▶ **Data excerpts**
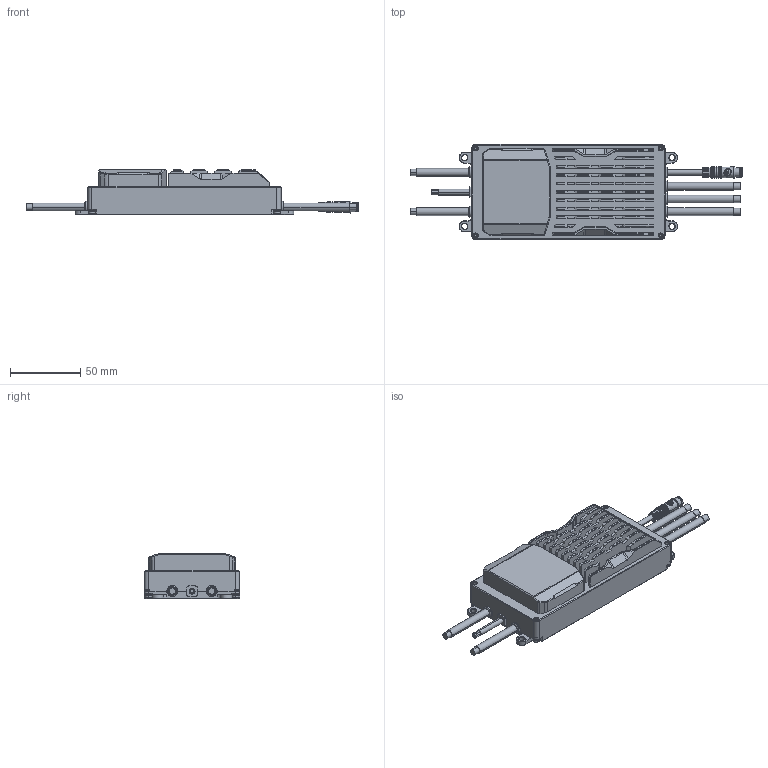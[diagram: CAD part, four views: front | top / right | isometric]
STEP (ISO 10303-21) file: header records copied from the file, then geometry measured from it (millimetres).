
FILE_DESCRIPTION((''),'2;1');
FILE_NAME('MK1','2025-06-05T17:56:26',('221126'),(''),'CREO PARAMETRIC BY PTC INC, 2021284','CREO PARAMETRIC BY PTC INC, 2021284','');
FILE_SCHEMA(('AUTOMOTIVE_DESIGN { 1 0 10303 214 1 1 1 1 }'));
Products named in the file (1): MK1
Bounding box: 236.9 x 68 x 32.5 mm (x, y, z)
Volume: 82913 mm3; surface area: 91781.3 mm2
Topology: 1 solids, 1 shells, 3822 faces, 9814 edges, 6312 vertices
Faces by surface type: plane 2546, cylinder 758, cone 328, bspline 151, torus 29, sphere 8, extrusion 2
Entity records: 168965 total; most frequent: CARTESIAN_POINT 45962, ORIENTED_EDGE 19628, DIRECTION 18155, PRESENTATION_STYLE_ASSIGNMENT 9915, STYLED_ITEM 9815, CURVE_STYLE 9814, EDGE_CURVE 9814, VECTOR 7005

▶ **Task to carry out**
Pictures aside, return all the entries above exactly.

▶ **Reply to the task**
[diagram: CAD part, four views: front | top / right | isometric]
STEP (ISO 10303-21) file: header records copied from the file, then geometry measured from it (millimetres).
FILE_DESCRIPTION((''),'2;1');
FILE_NAME('MK1','2025-06-05T17:56:26',('221126'),(''),'CREO PARAMETRIC BY PTC INC, 2021284','CREO PARAMETRIC BY PTC INC, 2021284','');
FILE_SCHEMA(('AUTOMOTIVE_DESIGN { 1 0 10303 214 1 1 1 1 }'));
Products named in the file (1): MK1
Bounding box: 236.9 x 68 x 32.5 mm (x, y, z)
Volume: 82913 mm3; surface area: 91781.3 mm2
Topology: 1 solids, 1 shells, 3822 faces, 9814 edges, 6312 vertices
Faces by surface type: plane 2546, cylinder 758, cone 328, bspline 151, torus 29, sphere 8, extrusion 2
Entity records: 168965 total; most frequent: CARTESIAN_POINT 45962, ORIENTED_EDGE 19628, DIRECTION 18155, PRESENTATION_STYLE_ASSIGNMENT 9915, STYLED_ITEM 9815, CURVE_STYLE 9814, EDGE_CURVE 9814, VECTOR 7005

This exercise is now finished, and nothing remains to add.